#### AIM OF THE EXERCISE:
Please set down, unchanged, the line containing "msp.add_text(s, height=height, dxfattribs=at).set_placement(p)" and all the lines that follow it until the data below ends.
※ ※ ※
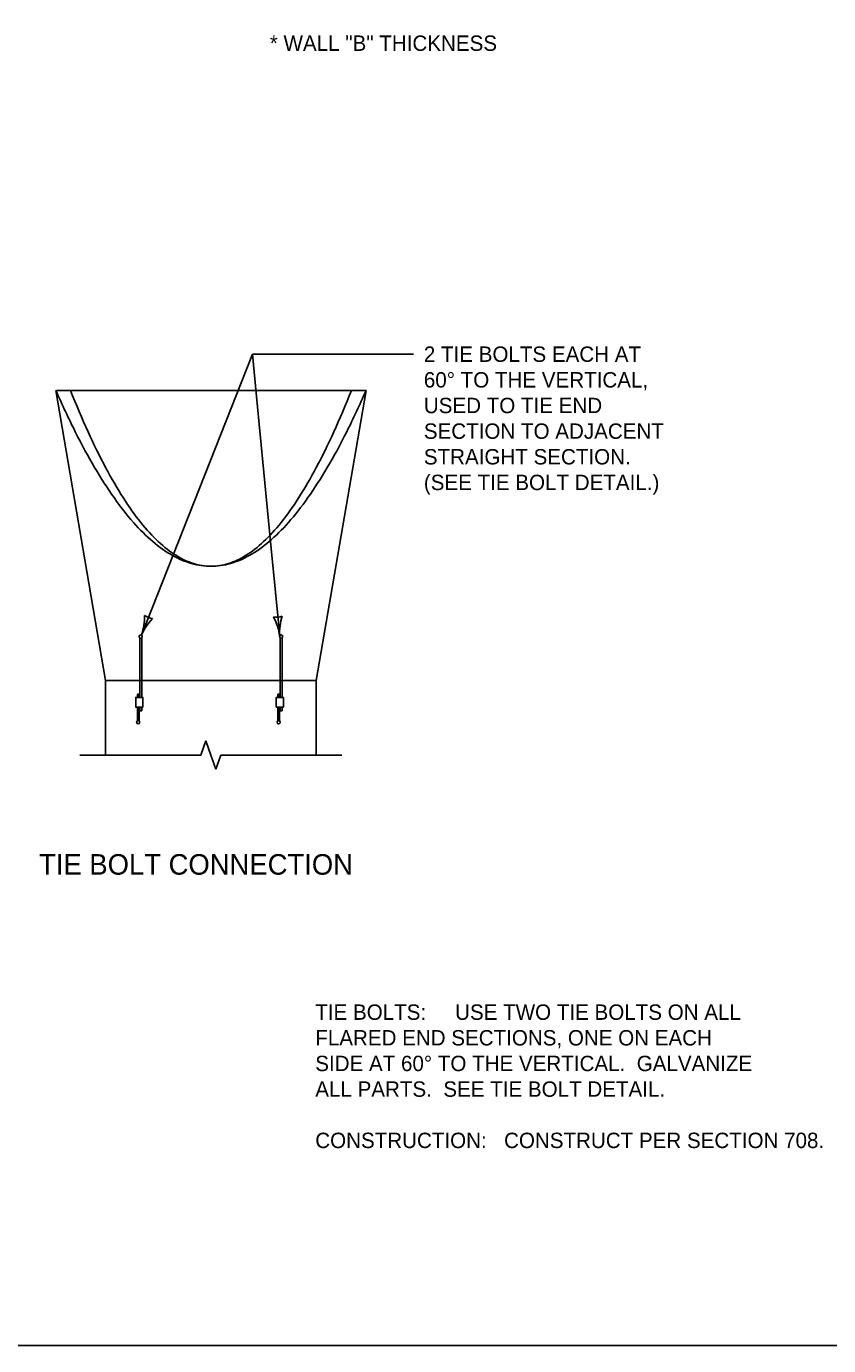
# Model space of a CAD drawing. Extents: x 49991.4 to 50021, y 49987.6 to 50011.4.
# Drawn here: x 50008.67 to 50011.8, y 49987.8 to 49992.94 of the extents above; entities that cross this region are included whole.
import ezdxf

# ---------------------------------------------------------------- set-up
doc = ezdxf.new("R2010")
doc.units = 0
for name, color, linetype in [('Level 1', 7, 'Continuous'), ('Level 2', 7, 'Continuous'), ('Level 3', 7, 'Continuous'), ('Level 6', 7, 'Continuous')]:
    doc.layers.add(name, color=color, linetype=linetype)

msp = doc.modelspace()

# ---------------------------------------------------------------- linework, layer by layer
at = {"layer": 'Level 1'}
for p, q in [((50008.7813, 49991.5224), (50008.9754, 49990.3923)), ((50009.9914, 49991.5224), (50008.7833, 49991.5224)), ((50009.7973, 49990.3923), (50009.9914, 49991.5224)), ((50009.1089, 49990.3264), (50009.1089, 49990.5583)), ((50009.1162, 49990.3264), (50009.1162, 49990.5585)), ((50009.6569, 49990.3264), (50009.6569, 49990.5582)), ((50009.6642, 49990.3264), (50009.6642, 49990.5585)), ((50008.9754, 49990.3923), (50009.7973, 49990.3923)), ((50008.9754, 49990.3923), (50008.9754, 49990.1015)), ((50009.7973, 49990.3923), (50009.7973, 49990.1015)), ((50009.0993, 49990.3264), (50009.0993, 49990.3393)), ((50009.0993, 49990.3393), (50009.1059, 49990.3393)), ((50009.1059, 49990.3264), (50009.1059, 49990.3393)), ((50009.6473, 49990.3264), (50009.6473, 49990.3393)), ((50009.6473, 49990.3393), (50009.6539, 49990.3393)), ((50009.6539, 49990.3264), (50009.6539, 49990.3393)), ((50009.0993, 49990.2349), (50009.0993, 49990.2883)), ((50009.1059, 49990.2346), (50009.1059, 49990.2883)), ((50009.1089, 49990.2744), (50009.1089, 49990.2883)), ((50009.1162, 49990.2744), (50009.1162, 49990.2883)), ((50009.6473, 49990.2349), (50009.6473, 49990.2883)), ((50009.6539, 49990.2345), (50009.6539, 49990.2883)), ((50009.6569, 49990.2744), (50009.6569, 49990.2883)), ((50009.6642, 49990.2744), (50009.6642, 49990.2883)), ((50009.1089, 49990.2744), (50009.1162, 49990.2744)), ((50009.6569, 49990.2744), (50009.6642, 49990.2744))]:
    msp.add_line(p, q, dxfattribs=at)
for points in [[(49999.3835, 49998.9992), (50016.7501, 49998.9992), (50016.7501, 49987.7988), (49999.3835, 49987.7988)], [(50009.1211, 49990.2883), (50009.0933, 49990.2883), (50009.0933, 49990.3264), (50009.1211, 49990.3264)], [(50009.6689, 49990.2883), (50009.6413, 49990.2883), (50009.6413, 49990.3264), (50009.6689, 49990.3264)]]:
    msp.add_lwpolyline(points, close=True, dxfattribs=at)
for centre in [(50009.1124, 49990.5634), (50009.6603, 49990.5634), (50009.1024, 49990.2294), (50009.6503, 49990.2294)]:
    msp.add_circle(centre, 0.00625, dxfattribs=at)
for points in [[(50008.7813, 49991.5224), (50009.3864, 49990.1525), (50009.9914, 49991.5224)], [(50008.8384, 49991.5224), (50009.3864, 49990.1525), (50009.9343, 49991.5224)]]:
    msp.add_open_spline(points, degree=2, dxfattribs=at)
at = {"layer": 'Level 2'}
msp.add_line((49999.3835, 49987.7988), (50016.7501, 49987.7988), dxfattribs=at)
at = {"layer": 'Level 3'}
for p, q in [((50009.1153, 49990.569), (50009.5481, 49991.6644)), ((50009.5481, 49991.6644), (50009.564, 49991.4998)), ((50009.5481, 49991.6644), (50010.1767, 49991.6644)), ((50009.5641, 49991.4998), (50009.6215, 49990.9061)), ((50009.6216, 49990.9061), (50009.6545, 49990.5657))]:
    msp.add_line(p, q, dxfattribs=at)
for centre, radius, start, end in [((50008.8946, 49990.6438), 0.233, 341.2676, 0.5174), ((50009.1624, 49990.6882), 0.0548, 230.5791, 266.3015), ((50009.3185, 49990.4788), 0.2223, 135.8963, 156.0798), ((50009.6422, 49990.6933), 0.0548, 257.6699, 293.3923), ((50009.424, 49990.5318), 0.233, 8.3584, 27.6083), ((50009.8765, 49990.578), 0.2223, 162.9871, 183.1706)]:
    msp.add_arc(centre, radius, start, end, dxfattribs=at)
at = {"layer": 'Level 6'}
for p, q in [((50009.367, 49990.1563), (50009.3475, 49990.1015)), ((50009.367, 49990.1563), (50009.3864, 49990.1015)), ((50008.8754, 49990.1015), (50009.3475, 49990.1015)), ((50009.3864, 49990.1015), (50009.4058, 49990.0467)), ((50009.4253, 49990.1015), (50009.4058, 49990.0467)), ((50009.4253, 49990.1015), (50009.8973, 49990.1015))]:
    msp.add_line(p, q, dxfattribs=at)

# ---------------------------------------------------------------- texts
at = {"layer": 'Level 2'}
for s, height, p in [('* WALL "B" THICKNESS', 0.06, (50009.6159, 49992.847)), ('2 TIE BOLTS EACH AT', 0.06, (50010.2167, 49991.6344)), ('60° TO THE VERTICAL,', 0.06, (50010.2167, 49991.5344)), ('USED TO TIE END', 0.06, (50010.2167, 49991.4344)), ('SECTION TO ADJACENT', 0.06, (50010.2167, 49991.3344)), ('STRAIGHT SECTION.', 0.06, (50010.2167, 49991.2344)), ('(SEE TIE BOLT DETAIL.)', 0.06, (50010.2167, 49991.1344)), ('TIE BOLT CONNECTION', 0.08, (50008.7159, 49989.635)), ('TIE BOLTS:', 0.06, (50009.7932, 49989.069)), ('  USE TWO TIE BOLTS ON ALL', 0.06, (50010.294, 49989.069)), ('FLARED END SECTIONS, ONE ON EACH', 0.06, (50009.7932, 49988.969)), ('SIDE AT 60° TO THE VERTICAL.  GALVANIZE', 0.06, (50009.7932, 49988.869)), ('ALL PARTS.  SEE TIE BOLT DETAIL.', 0.06, (50009.7932, 49988.769)), ('CONSTRUCTION:', 0.06, (50009.7932, 49988.569)), ('  CONSTRUCT PER SECTION 708.', 0.06, (50010.485, 49988.569))]:
    msp.add_text(s, height=height, dxfattribs=at).set_placement(p)

doc.saveas('drawing.dxf')
※ ※ ※
#### RESPONSE AREA:
    msp.add_text(s, height=height, dxfattribs=at).set_placement(p)

doc.saveas('drawing.dxf')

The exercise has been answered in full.